Anger is a response to something that feels like an attack. When the attack subsides, and the threat is gone, healthy anger, having served its evolutionary purpose, fades away. Rage is a different, deeply rooted, much more destructive creature. When it is unleashed it calls for destruction.
I grew up in a home where outbursts of anger were common. The thing that took me decades to understand was that sometimes this anger was rage. Rage has no end. It can’t be reasoned with or placated, ever. It erupts like a volcano and melts everything in its path.

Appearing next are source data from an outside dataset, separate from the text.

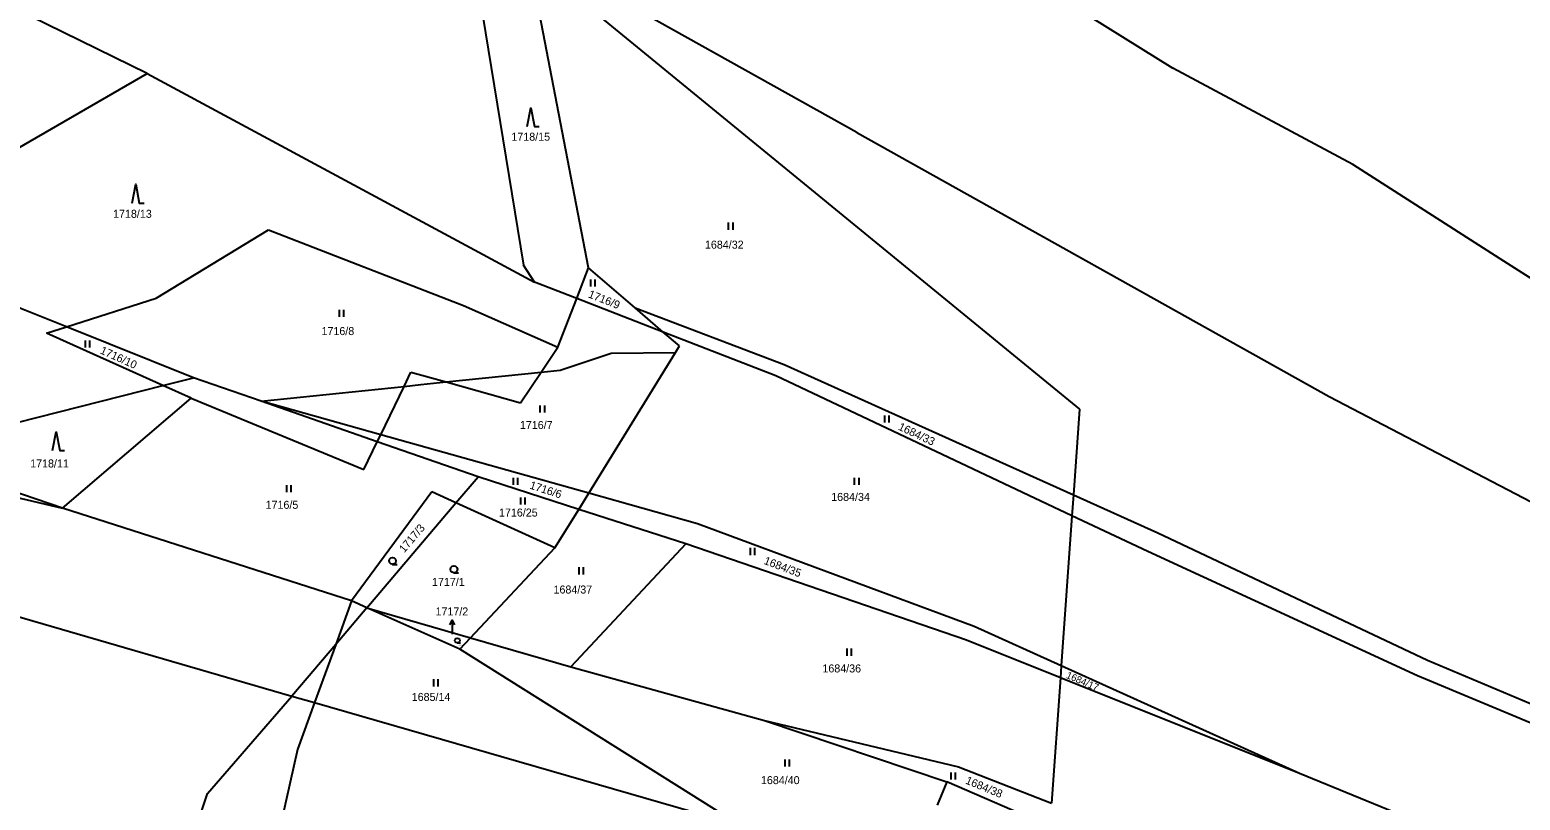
# Model space of a CAD drawing. Extents: x -609861 to -605046, y -1120287 to -1116307.
# Drawn here: x -608158.8 to -607842.1, y -1119136.2 to -1118972.7 of the extents above; entities that cross this region are included whole.
import ezdxf

# ---------------------------------------------------------------- set-up
doc = ezdxf.new("R2010")
doc.units = 0
for name, color, linetype in [('Vrstva 1', 7, 'Continuous'), ('Vrstva 2', 7, 'Continuous'), ('Vrstva 3', 7, 'Continuous'), ('Vrstva 4', 7, 'Continuous'), ('Vrstva 7', 7, 'Continuous')]:
    doc.layers.add(name, color=color, linetype=linetype)

msp = doc.modelspace()

# ---------------------------------------------------------------- linework, layer by layer
at = {"layer": 'Vrstva 1'}
for p, q in [((-608078.13, -1118879.51), (-607915.86, -1118980.83)), ((-608065.68, -1118950.24), (-608053.86, -1119022.65)), ((-608040, -1119023.21), (-608052.72, -1118957.47)), ((-608052.72, -1118957.47), (-607935.67, -1119053.21)), ((-608133.78, -1118981.94), (-608177.63, -1118960.37)), ((-607983, -1118994.49), (-608031.08, -1118967.67)), ((-607877.61, -1119001.25), (-607915.86, -1118980.83)), ((-608194.82, -1119017.15), (-608133.78, -1118981.94)), ((-608133.78, -1118981.94), (-608051.5, -1119026.23)), ((-607983, -1118994.49), (-607882.62, -1119050.54)), ((-607846.27, -1119021.31), (-607877.61, -1119001.25)), ((-608131.89, -1119029.61), (-608108.03, -1119015.15)), ((-608108.03, -1119015.15), (-608066.58, -1119031.21)), ((-608051.5, -1119026.23), (-608053.86, -1119022.65)), ((-607800.12, -1119050.72), (-607846.27, -1119021.31)), ((-608042.53, -1119029.71), (-608040, -1119023.21)), ((-608030.14, -1119031.67), (-608040, -1119023.21)), ((-608042.53, -1119029.71), (-608051.5, -1119026.23)), ((-608150.99, -1119035.7), (-608161.55, -1119031.45)), ((-608150.99, -1119035.7), (-608131.89, -1119029.61)), ((-608066.58, -1119031.21), (-608046.54, -1119040.02)), ((-608046.54, -1119040.02), (-608042.53, -1119029.71)), ((-608024.13, -1119036.83), (-608042.53, -1119029.71)), ((-608030.14, -1119031.67), (-607998.48, -1119043.71)), ((-608024.13, -1119036.83), (-608030.14, -1119031.67)), ((-608155.24, -1119037.05), (-608150.99, -1119035.7)), ((-608130.48, -1119048.2), (-608155.24, -1119037.05)), ((-608123.98, -1119046.55), (-608150.99, -1119035.7)), ((-608000.2, -1119046.1), (-608024.13, -1119036.83)), ((-608020.68, -1119039.79), (-608024.13, -1119036.83)), ((-608046.02, -1119044.9), (-608035.25, -1119041.3)), ((-608039.96, -1119071.03), (-608021.54, -1119041.18)), ((-608035.25, -1119041.3), (-608021.54, -1119041.18)), ((-608021.54, -1119041.18), (-608020.68, -1119039.79)), ((-608050.12, -1119045.33), (-608046.02, -1119044.9)), ((-607998.48, -1119043.71), (-607936.97, -1119071.4)), ((-608130.48, -1119048.2), (-608123.98, -1119046.55)), ((-608109.6, -1119051.52), (-608123.98, -1119046.55)), ((-608079.2, -1119048.37), (-608075.67, -1119048)), ((-608075.67, -1119048), (-608070.31, -1119047.44)), ((-608070.31, -1119047.44), (-608050.12, -1119045.33)), ((-607937.29, -1119075.85), (-608000.2, -1119046.1)), ((-608184.97, -1119062), (-608130.48, -1119048.2)), ((-608151.77, -1119074.26), (-608124.45, -1119050.91)), ((-608124.45, -1119050.91), (-608130.48, -1119048.2)), ((-608109.6, -1119051.52), (-608079.2, -1119048.37)), ((-607882.62, -1119050.54), (-607808.39, -1119089.25)), ((-608084.19, -1119058.64), (-608109.6, -1119051.52)), ((-608084.91, -1119060.14), (-608109.6, -1119051.52)), ((-607935.67, -1119053.21), (-607936.97, -1119071.4)), ((-608216.9, -1119058.89), (-608151.77, -1119074.26)), ((-608063.51, -1119067.61), (-608084.91, -1119060.14)), ((-608039.96, -1119071.03), (-608084.19, -1119058.64)), ((-608151.77, -1119074.26), (-608177.03, -1119065.58)), ((-608068.19, -1119073.11), (-608063.51, -1119067.61)), ((-608042.1, -1119074.5), (-608063.51, -1119067.61)), ((-608073.35, -1119070.76), (-608090.37, -1119093.93)), ((-608087.11, -1119095.38), (-608068.19, -1119073.11)), ((-608068.19, -1119073.11), (-608073.35, -1119070.76)), ((-608047.16, -1119082.69), (-608068.19, -1119073.11)), ((-608042.1, -1119074.5), (-608039.96, -1119071.03)), ((-608016.88, -1119077.54), (-608039.96, -1119071.03)), ((-607936.97, -1119071.4), (-607937.29, -1119075.85)), ((-607936.97, -1119071.4), (-607919.06, -1119079.47)), ((-608090.37, -1119093.93), (-608151.77, -1119074.26)), ((-608047.16, -1119082.69), (-608042.1, -1119074.5)), ((-608019.35, -1119081.83), (-608042.1, -1119074.5)), ((-607937.29, -1119075.85), (-607939.57, -1119107.74)), ((-607921.21, -1119083.45), (-607937.29, -1119075.85)), ((-607958.07, -1119099.39), (-608016.88, -1119077.54)), ((-607919.06, -1119079.47), (-607861.75, -1119106.49)), ((-608212.72, -1119082.34), (-608103.04, -1119114.13)), ((-608065.11, -1119101.74), (-608047.16, -1119082.69)), ((-608019.35, -1119081.83), (-608043.76, -1119107.92)), ((-607959.68, -1119102.29), (-608019.35, -1119081.83)), ((-607863.9, -1119109.87), (-607921.21, -1119083.45)), ((-608087.11, -1119095.38), (-608093.74, -1119103.18)), ((-608087.11, -1119095.38), (-608090.37, -1119093.93)), ((-608087.11, -1119095.38), (-608065.11, -1119101.74)), ((-608067.38, -1119104.15), (-608087.11, -1119095.38)), ((-608067.38, -1119104.15), (-608065.11, -1119101.74)), ((-608065.11, -1119101.74), (-608043.76, -1119107.92)), ((-607939.57, -1119107.74), (-607958.07, -1119099.39)), ((-608093.74, -1119103.18), (-608103.04, -1119114.13)), ((-608007.71, -1119141.59), (-608067.38, -1119104.15)), ((-607939.75, -1119110.26), (-607959.68, -1119102.29)), ((-608043.76, -1119107.92), (-608002.61, -1119119.33)), ((-607939.57, -1119107.74), (-607939.75, -1119110.26)), ((-607888.95, -1119130.58), (-607939.57, -1119107.74)), ((-607861.75, -1119106.49), (-607814.74, -1119126.36)), ((-607939.75, -1119110.26), (-607941.66, -1119136.89)), ((-607888.95, -1119130.58), (-607939.75, -1119110.26)), ((-607816.25, -1119129.73), (-607863.9, -1119109.87)), ((-608121, -1119134.84), (-608103.04, -1119114.13)), ((-608103.04, -1119114.13), (-608098.23, -1119115.51)), ((-608098.23, -1119115.51), (-608101.85, -1119125.45)), ((-608098.23, -1119115.51), (-608007.71, -1119141.59)), ((-608002.61, -1119119.33), (-607963.9, -1119132.34)), ((-608002.61, -1119119.33), (-607961.42, -1119129.13)), ((-608101.85, -1119125.45), (-608116.08, -1119188.35)), ((-607961.42, -1119129.13), (-607941.66, -1119136.89)), ((-607963.9, -1119132.34), (-607965.95, -1119137.27)), ((-607942.02, -1119141.83), (-607963.9, -1119132.34)), ((-607845.16, -1119148.46), (-607888.95, -1119130.58)), ((-608131.13, -1119164.96), (-608121, -1119134.84))]:
    msp.add_line(p, q, dxfattribs=at)
at = {"layer": 'Vrstva 3'}
for p, q in [((-608010.32, -1119013.6), (-608010.32, -1119015.1)), ((-608009.32, -1119015.1), (-608009.32, -1119013.6)), ((-608039.62, -1119025.7), (-608039.62, -1119027.2)), ((-608038.62, -1119027.2), (-608038.62, -1119025.7)), ((-608093, -1119032.14), (-608093, -1119033.64)), ((-608092, -1119033.64), (-608092, -1119032.14)), ((-608146.98, -1119038.64), (-608146.98, -1119040.14)), ((-608145.98, -1119040.14), (-608145.98, -1119038.64)), ((-608050.34, -1119052.41), (-608050.34, -1119053.91)), ((-608049.34, -1119053.91), (-608049.34, -1119052.41)), ((-607977.15, -1119054.54), (-607977.15, -1119056.04)), ((-607976.15, -1119056.04), (-607976.15, -1119054.54)), ((-608104.2, -1119069.36), (-608104.2, -1119070.86)), ((-608103.2, -1119070.86), (-608103.2, -1119069.36)), ((-608056.05, -1119067.8), (-608056.05, -1119069.3)), ((-608055.05, -1119069.3), (-608055.05, -1119067.8)), ((-607983.55, -1119067.76), (-607983.55, -1119069.26)), ((-607982.55, -1119069.26), (-607982.55, -1119067.76)), ((-608054.48, -1119071.98), (-608054.48, -1119073.48)), ((-608053.48, -1119073.48), (-608053.48, -1119071.98)), ((-608005.71, -1119082.69), (-608005.71, -1119084.19)), ((-608004.71, -1119084.19), (-608004.71, -1119082.69)), ((-608042.06, -1119086.79), (-608042.06, -1119088.29)), ((-608041.06, -1119088.29), (-608041.06, -1119086.79)), ((-607985.13, -1119104.07), (-607985.13, -1119105.57)), ((-607984.13, -1119105.57), (-607984.13, -1119104.07)), ((-608073, -1119110.58), (-608073, -1119112.08)), ((-608072, -1119112.08), (-608072, -1119110.58)), ((-607998.31, -1119127.62), (-607998.31, -1119129.12)), ((-607997.31, -1119129.12), (-607997.31, -1119127.62)), ((-607963.04, -1119130.37), (-607963.04, -1119131.87)), ((-607962.04, -1119131.87), (-607962.04, -1119130.37))]:
    msp.add_line(p, q, dxfattribs=at)
for points in [[(-608053.03, -1118993.21), (-608052.28, -1118989.21), (-608051.53, -1118993.21), (-608050.53, -1118993.21)], [(-608136.98, -1119009.45), (-608136.23, -1119005.45), (-608135.48, -1119009.45), (-608134.48, -1119009.45)], [(-608153.9, -1119062.02), (-608153.15, -1119058.02), (-608152.4, -1119062.02), (-608151.4, -1119062.02)], [(-608081.67, -1119086.16), (-608082.05, -1119086.06), (-608082.32, -1119085.79), (-608082.42, -1119085.42), (-608082.32, -1119085.05), (-608082.05, -1119084.78), (-608081.68, -1119084.68), (-608081.31, -1119084.78), (-608081.04, -1119085.05), (-608080.94, -1119085.43), (-608081.04, -1119085.81), (-608081.31, -1119086.08), (-608081.69, -1119086.18), (-608080.69, -1119086.18)], [(-608068.63, -1119087.95), (-608069.01, -1119087.85), (-608069.28, -1119087.58), (-608069.38, -1119087.21), (-608069.28, -1119086.84), (-608069.01, -1119086.57), (-608068.64, -1119086.47), (-608068.27, -1119086.57), (-608068, -1119086.84), (-608067.9, -1119087.22), (-608068, -1119087.6), (-608068.27, -1119087.87), (-608068.65, -1119087.97), (-608067.65, -1119087.97)], [(-608067.9, -1119102.85), (-608068.166, -1119102.78), (-608068.355, -1119102.591), (-608068.425, -1119102.332), (-608068.355, -1119102.073), (-608068.166, -1119101.884), (-608067.907, -1119101.814), (-608067.648, -1119101.884), (-608067.459, -1119102.073), (-608067.389, -1119102.339), (-608067.459, -1119102.605), (-608067.648, -1119102.794), (-608067.914, -1119102.864), (-608067.214, -1119102.864)]]:
    msp.add_lwpolyline(points, dxfattribs=at)
at = {"layer": 'Vrstva 4'}
for p, q in [((-608050.12, -1119045.33), (-608046.54, -1119040.02)), ((-608079.2, -1119048.37), (-608077.75, -1119045.37)), ((-608077.75, -1119045.37), (-608070.31, -1119047.44)), ((-608070.31, -1119047.44), (-608054.51, -1119051.84)), ((-608054.51, -1119051.84), (-608050.12, -1119045.33)), ((-608124.45, -1119050.91), (-608087.78, -1119066.05)), ((-608084.19, -1119058.64), (-608079.2, -1119048.37)), ((-608087.78, -1119066.05), (-608084.91, -1119060.14)), ((-608084.91, -1119060.14), (-608084.19, -1119058.64)), ((-608090.37, -1119093.93), (-608093.74, -1119103.18)), ((-608093.74, -1119103.18), (-608098.23, -1119115.51))]:
    msp.add_line(p, q, dxfattribs=at)
at = {"layer": 'Vrstva 7'}
msp.add_line((-608069.02, -1119098.02), (-608069.02, -1119101.02), dxfattribs=at)
msp.add_lwpolyline([(-608069.52, -1119099.02), (-608069.02, -1119098.02), (-608068.52, -1119099.02)], dxfattribs=at)

# ---------------------------------------------------------------- texts
at = {"layer": 'Vrstva 2'}
for s, height, p in [('1718/15', 1.7, (-608056.417, -1118996.21)), ('1718/13', 1.7, (-608141.057, -1119012.58)), ('1684/32', 1.7, (-608015.287, -1119019.13)), ('1716/8', 1.7, (-608096.767, -1119037.48)), ('1716/7', 1.7, (-608054.607, -1119057.43)), ('1718/11', 1.7, (-608158.677, -1119065.6)), ('1716/5', 1.7, (-608108.647, -1119074.37)), ('1684/34', 1.7, (-607988.457, -1119072.7)), ('1716/25', 1.7, (-608059.047, -1119076.02)), ('1717/1', 1.7, (-608073.287, -1119090.75)), ('1684/37', 1.7, (-608047.467, -1119092.36)), ('1717/2', 0.2, (-608067.654, -1119103.42)), ('1684/36', 1.7, (-607990.327, -1119109.12)), ('1685/14', 1.7, (-608077.597, -1119115.17)), ('1684/40', 1.7, (-608003.387, -1119132.84))]:
    msp.add_text(s, height=height, dxfattribs=at).set_placement(p)
for s, height, rotation, p in [('1716/9', 1.7, 338.38888, (-608040.235, -1119029.435)), ('1716/10', 1.7, 335.69597, (-608143.962, -1119041.332)), ('1684/33', 1.7, 334.77924, (-607974.365, -1119057.507)), ('1716/6', 1.7, 341.99851, (-608052.667, -1119070.051)), ('1717/3', 1.7, 49.50355, (-608079.185, -1119083.811)), ('1684/35', 1.7, 339.30561, (-608002.903, -1119086.039)), ('1684/17', 1.5, 336.61271, (-607938.672, -1119110.238)), ('1684/38', 1.7, 337.47214, (-607960.067, -1119132.67))]:
    msp.add_text(s, height=height, rotation=rotation, dxfattribs=at).set_placement(p)
at = {"layer": 'Vrstva 7'}
msp.add_text('1717/2', height=1.7, dxfattribs=at).set_placement((-608072.54, -1119097.02))

doc.saveas('drawing.dxf')

When you encounter rage, know what you are up against. If a person flies into a rage because they feel defied, and cannot be calmed down, it tells you they lack an adult ability to resolve conflict and operate at an immature emotional age. Being stuck in the helpless feelings of hurt they had at three years old is a shameful thing, and the humiliation of being seen losing control fuels rage, the desperate cover-up of rage and the reflex to blame someone else, everyone else, for your own inability to control your emotions.
It took me years to understand why telling a person prone to rage that they played a role in causing pain sends them into a rage. Rage is their defense against feeling vulnerable, which they equate with being fatally humiliated. In attacking someone else they feel momentarily powerful. If you tell them they hurt you, they immediately compare your claim of pain to their own much greater claim to much deeper pain. You will never get anywhere in this contest of competitive suffering, truly a game for losers.
A person who becomes enraged believes the unbearable pain they have endured in silence entitles them to tell anyone else in pain to shut up. Solipsism is a feature of a person who cannot be wrong, the fatalistic view that there is no possibility of anyone understanding what someone else thinks or feels — so shut up about your unknowable interior world. The best response to an enraged person is to get away from them.